The reply should contain only the lines from the start of the records through the line with "exactly this schema.", reproduced verbatim and without pictures.

(Stored dataset items)
——————————
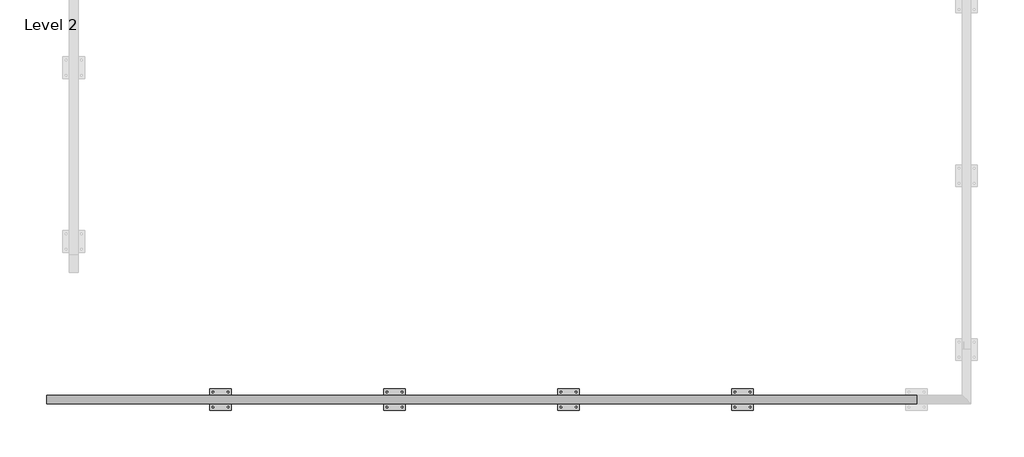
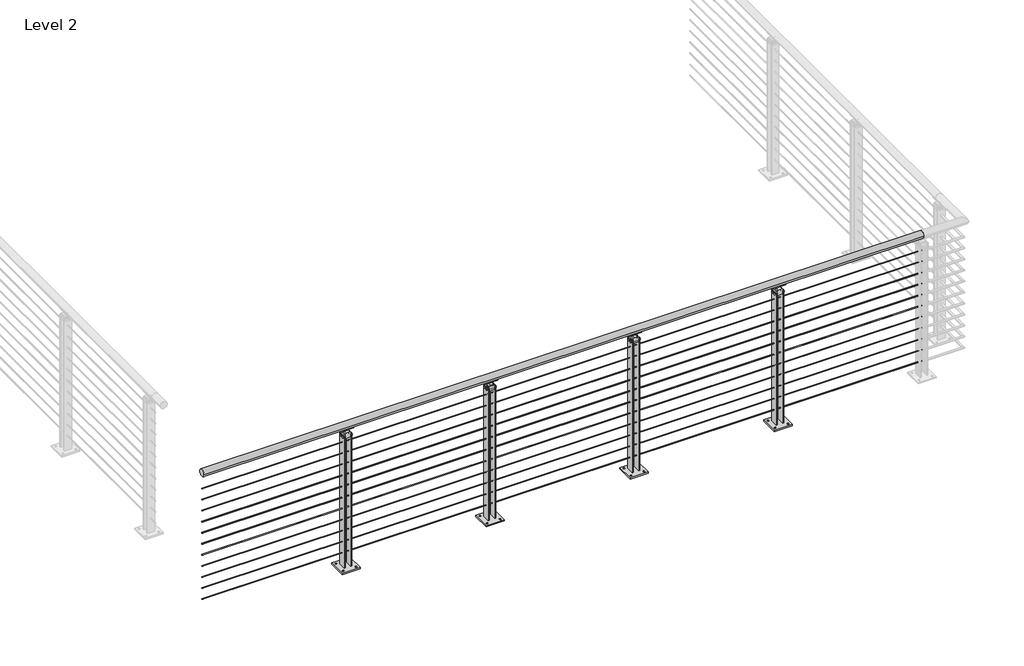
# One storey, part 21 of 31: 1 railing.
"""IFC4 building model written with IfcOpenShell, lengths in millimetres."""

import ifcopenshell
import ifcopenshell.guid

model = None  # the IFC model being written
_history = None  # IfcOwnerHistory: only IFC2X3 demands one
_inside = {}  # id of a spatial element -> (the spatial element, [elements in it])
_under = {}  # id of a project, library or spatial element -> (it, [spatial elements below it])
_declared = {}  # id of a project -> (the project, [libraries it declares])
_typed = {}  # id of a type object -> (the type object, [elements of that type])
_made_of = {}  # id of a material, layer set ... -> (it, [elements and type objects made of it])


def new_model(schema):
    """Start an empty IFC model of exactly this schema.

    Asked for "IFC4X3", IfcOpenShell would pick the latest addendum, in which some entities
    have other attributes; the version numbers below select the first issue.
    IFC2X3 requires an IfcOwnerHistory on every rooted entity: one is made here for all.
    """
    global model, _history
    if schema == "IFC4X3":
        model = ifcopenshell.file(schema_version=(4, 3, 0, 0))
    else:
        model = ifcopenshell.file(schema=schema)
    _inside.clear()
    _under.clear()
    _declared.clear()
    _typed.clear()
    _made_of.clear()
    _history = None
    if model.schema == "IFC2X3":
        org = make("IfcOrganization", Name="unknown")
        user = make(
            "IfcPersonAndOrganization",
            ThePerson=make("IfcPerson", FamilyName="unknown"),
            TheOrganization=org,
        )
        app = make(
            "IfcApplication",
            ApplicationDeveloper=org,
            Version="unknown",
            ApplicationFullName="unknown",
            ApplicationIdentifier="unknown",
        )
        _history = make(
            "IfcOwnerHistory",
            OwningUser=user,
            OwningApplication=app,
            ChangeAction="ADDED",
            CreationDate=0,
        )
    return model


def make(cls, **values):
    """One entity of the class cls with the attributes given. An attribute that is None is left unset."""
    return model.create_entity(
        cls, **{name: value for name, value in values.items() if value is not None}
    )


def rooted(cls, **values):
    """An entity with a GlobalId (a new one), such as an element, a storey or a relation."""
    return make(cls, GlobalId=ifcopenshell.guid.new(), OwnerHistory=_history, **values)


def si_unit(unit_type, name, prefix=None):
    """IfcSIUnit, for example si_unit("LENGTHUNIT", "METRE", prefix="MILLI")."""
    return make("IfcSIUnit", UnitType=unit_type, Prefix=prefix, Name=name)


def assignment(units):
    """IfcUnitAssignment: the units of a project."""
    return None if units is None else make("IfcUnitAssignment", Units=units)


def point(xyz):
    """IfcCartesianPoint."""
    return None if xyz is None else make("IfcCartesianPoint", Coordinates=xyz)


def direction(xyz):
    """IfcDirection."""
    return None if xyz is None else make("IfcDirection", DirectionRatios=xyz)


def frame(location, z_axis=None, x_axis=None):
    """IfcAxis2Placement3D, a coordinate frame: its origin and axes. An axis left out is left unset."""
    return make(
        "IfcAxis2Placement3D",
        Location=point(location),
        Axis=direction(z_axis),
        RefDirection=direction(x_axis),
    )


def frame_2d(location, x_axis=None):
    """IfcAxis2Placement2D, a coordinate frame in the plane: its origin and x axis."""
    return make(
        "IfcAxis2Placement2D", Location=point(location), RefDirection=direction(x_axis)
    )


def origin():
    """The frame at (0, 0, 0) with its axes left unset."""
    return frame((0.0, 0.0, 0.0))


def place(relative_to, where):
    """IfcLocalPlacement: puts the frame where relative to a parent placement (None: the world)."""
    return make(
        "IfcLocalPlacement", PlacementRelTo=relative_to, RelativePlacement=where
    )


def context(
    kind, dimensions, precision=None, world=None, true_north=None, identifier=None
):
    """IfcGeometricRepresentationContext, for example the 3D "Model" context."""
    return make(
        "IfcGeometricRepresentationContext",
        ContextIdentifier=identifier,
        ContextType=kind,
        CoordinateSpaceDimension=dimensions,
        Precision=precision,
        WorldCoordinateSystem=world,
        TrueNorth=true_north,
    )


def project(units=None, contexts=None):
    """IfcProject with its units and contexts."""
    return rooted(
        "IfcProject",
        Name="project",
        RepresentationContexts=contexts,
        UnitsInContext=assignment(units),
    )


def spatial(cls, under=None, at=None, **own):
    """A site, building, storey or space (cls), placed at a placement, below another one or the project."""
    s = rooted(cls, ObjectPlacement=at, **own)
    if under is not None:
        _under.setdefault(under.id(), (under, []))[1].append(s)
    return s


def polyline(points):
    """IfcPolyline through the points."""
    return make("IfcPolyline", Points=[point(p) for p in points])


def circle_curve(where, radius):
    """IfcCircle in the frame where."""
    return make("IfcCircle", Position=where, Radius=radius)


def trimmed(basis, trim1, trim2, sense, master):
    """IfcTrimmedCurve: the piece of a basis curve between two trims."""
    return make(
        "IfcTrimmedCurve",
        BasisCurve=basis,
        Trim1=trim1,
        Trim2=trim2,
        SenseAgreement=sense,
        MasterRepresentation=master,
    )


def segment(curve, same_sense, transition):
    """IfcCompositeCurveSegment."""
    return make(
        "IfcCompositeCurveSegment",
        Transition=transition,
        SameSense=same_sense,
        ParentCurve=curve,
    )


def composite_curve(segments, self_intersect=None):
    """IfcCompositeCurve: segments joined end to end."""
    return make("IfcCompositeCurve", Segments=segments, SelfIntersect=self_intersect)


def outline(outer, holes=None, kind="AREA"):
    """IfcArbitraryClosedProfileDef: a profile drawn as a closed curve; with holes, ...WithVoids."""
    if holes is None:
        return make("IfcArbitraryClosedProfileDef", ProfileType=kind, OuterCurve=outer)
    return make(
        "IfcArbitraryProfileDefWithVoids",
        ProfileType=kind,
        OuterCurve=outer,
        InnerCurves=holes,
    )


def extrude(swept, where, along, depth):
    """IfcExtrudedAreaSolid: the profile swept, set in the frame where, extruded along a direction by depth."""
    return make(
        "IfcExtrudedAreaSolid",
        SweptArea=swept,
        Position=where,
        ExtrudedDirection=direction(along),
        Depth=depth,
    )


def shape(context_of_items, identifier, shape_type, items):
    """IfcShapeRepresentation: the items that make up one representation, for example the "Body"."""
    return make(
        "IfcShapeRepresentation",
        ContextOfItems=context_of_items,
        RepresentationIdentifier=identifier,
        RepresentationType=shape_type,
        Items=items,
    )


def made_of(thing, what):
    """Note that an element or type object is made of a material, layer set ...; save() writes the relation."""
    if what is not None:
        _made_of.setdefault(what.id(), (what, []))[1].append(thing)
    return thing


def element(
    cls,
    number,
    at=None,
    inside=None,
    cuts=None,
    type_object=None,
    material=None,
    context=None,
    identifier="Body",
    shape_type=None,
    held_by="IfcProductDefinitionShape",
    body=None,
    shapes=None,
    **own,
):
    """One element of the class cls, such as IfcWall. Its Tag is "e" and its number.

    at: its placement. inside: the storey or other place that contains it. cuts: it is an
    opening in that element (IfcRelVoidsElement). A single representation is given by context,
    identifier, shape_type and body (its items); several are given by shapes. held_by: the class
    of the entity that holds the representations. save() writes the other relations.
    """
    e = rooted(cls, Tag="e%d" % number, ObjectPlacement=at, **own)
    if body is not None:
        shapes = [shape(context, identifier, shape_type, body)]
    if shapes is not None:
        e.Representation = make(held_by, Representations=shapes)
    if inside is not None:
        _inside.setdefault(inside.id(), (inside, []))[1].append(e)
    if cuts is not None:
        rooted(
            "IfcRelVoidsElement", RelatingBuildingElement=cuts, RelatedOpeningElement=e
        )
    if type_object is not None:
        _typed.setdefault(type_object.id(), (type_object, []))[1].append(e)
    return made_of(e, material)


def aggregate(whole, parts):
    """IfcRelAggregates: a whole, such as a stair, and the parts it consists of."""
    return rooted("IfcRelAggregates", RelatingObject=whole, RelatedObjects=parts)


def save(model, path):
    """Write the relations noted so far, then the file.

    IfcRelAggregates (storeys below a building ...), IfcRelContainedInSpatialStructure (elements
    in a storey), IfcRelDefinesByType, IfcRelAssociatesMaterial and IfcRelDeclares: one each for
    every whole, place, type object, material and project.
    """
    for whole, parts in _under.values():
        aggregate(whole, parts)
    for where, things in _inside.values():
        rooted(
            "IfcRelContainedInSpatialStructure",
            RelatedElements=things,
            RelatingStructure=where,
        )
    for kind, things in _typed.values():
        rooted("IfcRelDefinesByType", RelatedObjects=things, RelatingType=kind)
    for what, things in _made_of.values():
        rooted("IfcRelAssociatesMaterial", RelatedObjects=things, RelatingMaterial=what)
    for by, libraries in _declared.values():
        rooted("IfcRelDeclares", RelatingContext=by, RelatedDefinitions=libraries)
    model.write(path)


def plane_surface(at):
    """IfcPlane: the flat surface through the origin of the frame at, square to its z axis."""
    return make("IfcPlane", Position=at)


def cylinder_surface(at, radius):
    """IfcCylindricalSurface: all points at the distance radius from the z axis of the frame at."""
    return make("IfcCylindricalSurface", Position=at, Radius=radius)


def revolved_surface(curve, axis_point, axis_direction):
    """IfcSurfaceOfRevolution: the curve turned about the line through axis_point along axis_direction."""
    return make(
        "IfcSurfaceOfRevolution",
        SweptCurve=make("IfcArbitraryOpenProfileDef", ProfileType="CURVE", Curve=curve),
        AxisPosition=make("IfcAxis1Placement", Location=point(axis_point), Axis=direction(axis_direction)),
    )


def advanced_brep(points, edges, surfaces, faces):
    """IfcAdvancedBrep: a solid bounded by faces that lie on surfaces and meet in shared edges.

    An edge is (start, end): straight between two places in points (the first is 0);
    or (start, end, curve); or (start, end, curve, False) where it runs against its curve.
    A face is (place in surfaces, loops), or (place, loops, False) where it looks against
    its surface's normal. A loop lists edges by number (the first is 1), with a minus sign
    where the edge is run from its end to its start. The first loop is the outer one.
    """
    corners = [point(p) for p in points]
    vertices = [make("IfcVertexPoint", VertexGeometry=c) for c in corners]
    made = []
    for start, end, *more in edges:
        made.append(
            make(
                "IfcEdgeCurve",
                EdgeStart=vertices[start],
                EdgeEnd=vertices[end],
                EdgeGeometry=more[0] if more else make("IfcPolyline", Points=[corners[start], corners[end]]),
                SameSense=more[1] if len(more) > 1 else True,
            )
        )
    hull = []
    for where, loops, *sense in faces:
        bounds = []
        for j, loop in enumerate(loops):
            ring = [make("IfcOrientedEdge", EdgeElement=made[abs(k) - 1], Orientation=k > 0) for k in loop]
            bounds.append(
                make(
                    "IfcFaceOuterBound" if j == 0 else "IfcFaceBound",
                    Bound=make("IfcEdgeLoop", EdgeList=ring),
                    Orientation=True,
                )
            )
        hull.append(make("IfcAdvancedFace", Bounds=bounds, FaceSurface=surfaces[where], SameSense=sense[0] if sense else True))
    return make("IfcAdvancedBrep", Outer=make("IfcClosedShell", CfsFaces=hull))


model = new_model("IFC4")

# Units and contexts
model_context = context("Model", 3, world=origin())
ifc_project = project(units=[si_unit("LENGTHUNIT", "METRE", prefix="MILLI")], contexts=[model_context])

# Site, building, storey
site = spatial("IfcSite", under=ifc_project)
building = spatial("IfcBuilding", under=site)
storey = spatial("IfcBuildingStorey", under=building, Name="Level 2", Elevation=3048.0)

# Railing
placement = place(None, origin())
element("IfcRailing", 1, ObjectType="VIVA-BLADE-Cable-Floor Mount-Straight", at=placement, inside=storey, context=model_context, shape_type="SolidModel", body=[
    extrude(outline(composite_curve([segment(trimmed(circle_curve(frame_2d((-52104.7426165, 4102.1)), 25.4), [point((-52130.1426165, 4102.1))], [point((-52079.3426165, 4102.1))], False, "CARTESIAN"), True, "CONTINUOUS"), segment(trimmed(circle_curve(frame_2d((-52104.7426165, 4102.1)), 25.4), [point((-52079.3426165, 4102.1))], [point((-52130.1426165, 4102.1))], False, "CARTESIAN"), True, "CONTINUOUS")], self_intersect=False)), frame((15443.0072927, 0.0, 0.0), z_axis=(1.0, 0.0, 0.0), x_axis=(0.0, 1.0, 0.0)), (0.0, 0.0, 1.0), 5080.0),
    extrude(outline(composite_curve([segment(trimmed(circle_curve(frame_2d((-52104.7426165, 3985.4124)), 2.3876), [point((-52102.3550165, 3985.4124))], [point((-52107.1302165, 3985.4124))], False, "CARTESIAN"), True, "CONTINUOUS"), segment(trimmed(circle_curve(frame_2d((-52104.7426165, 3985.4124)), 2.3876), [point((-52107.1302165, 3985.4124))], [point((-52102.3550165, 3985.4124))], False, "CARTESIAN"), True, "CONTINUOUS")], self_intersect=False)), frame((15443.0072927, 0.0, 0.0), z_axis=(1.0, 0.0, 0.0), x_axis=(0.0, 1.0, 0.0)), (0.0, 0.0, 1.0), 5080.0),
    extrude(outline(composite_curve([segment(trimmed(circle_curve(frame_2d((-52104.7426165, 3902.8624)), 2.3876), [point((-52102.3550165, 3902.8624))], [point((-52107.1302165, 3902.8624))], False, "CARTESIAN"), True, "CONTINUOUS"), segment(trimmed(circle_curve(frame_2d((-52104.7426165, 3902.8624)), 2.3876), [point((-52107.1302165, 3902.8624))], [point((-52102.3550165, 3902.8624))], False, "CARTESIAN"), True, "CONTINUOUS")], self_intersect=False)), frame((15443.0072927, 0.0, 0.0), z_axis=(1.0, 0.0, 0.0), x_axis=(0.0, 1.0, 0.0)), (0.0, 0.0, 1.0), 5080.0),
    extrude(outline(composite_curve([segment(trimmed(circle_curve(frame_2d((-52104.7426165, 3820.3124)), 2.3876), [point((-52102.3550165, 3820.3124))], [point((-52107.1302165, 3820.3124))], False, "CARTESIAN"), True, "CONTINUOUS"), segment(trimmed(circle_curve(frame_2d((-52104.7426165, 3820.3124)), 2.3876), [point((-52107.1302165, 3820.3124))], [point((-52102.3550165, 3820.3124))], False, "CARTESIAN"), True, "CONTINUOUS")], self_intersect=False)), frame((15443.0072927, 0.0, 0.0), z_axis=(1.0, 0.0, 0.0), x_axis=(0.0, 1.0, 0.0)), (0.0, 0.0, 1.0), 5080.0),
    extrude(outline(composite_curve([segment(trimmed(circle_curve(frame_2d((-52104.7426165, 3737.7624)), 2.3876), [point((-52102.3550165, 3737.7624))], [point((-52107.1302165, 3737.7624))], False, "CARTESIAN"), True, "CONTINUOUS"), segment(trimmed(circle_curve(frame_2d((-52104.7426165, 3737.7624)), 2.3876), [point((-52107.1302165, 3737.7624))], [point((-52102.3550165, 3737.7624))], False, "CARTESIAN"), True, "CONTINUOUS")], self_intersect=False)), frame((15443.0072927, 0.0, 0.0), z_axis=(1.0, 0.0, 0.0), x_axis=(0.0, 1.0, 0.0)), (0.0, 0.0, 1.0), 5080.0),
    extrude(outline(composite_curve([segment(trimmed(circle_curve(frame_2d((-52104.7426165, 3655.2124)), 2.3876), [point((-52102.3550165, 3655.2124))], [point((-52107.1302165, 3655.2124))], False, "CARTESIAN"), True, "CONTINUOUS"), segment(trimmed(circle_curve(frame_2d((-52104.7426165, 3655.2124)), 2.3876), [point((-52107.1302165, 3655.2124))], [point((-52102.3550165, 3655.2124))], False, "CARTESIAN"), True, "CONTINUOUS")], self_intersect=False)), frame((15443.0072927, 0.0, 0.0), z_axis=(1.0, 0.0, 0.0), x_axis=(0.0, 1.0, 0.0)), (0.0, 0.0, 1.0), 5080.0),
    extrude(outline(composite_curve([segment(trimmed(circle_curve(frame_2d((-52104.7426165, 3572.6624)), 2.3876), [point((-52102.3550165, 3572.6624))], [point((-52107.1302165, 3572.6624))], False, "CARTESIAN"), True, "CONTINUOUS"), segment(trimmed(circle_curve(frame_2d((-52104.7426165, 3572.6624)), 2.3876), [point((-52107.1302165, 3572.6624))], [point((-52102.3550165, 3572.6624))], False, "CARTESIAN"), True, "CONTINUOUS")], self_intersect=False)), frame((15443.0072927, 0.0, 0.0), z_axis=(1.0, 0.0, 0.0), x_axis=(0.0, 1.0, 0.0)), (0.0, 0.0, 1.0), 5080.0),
——————————
### TASK SOLUTION:
# One storey, part 21 of 31: 1 railing.
"""IFC4 building model written with IfcOpenShell, lengths in millimetres."""

import ifcopenshell
import ifcopenshell.guid

model = None  # the IFC model being written
_history = None  # IfcOwnerHistory: only IFC2X3 demands one
_inside = {}  # id of a spatial element -> (the spatial element, [elements in it])
_under = {}  # id of a project, library or spatial element -> (it, [spatial elements below it])
_declared = {}  # id of a project -> (the project, [libraries it declares])
_typed = {}  # id of a type object -> (the type object, [elements of that type])
_made_of = {}  # id of a material, layer set ... -> (it, [elements and type objects made of it])


def new_model(schema):
    """Start an empty IFC model of exactly this schema.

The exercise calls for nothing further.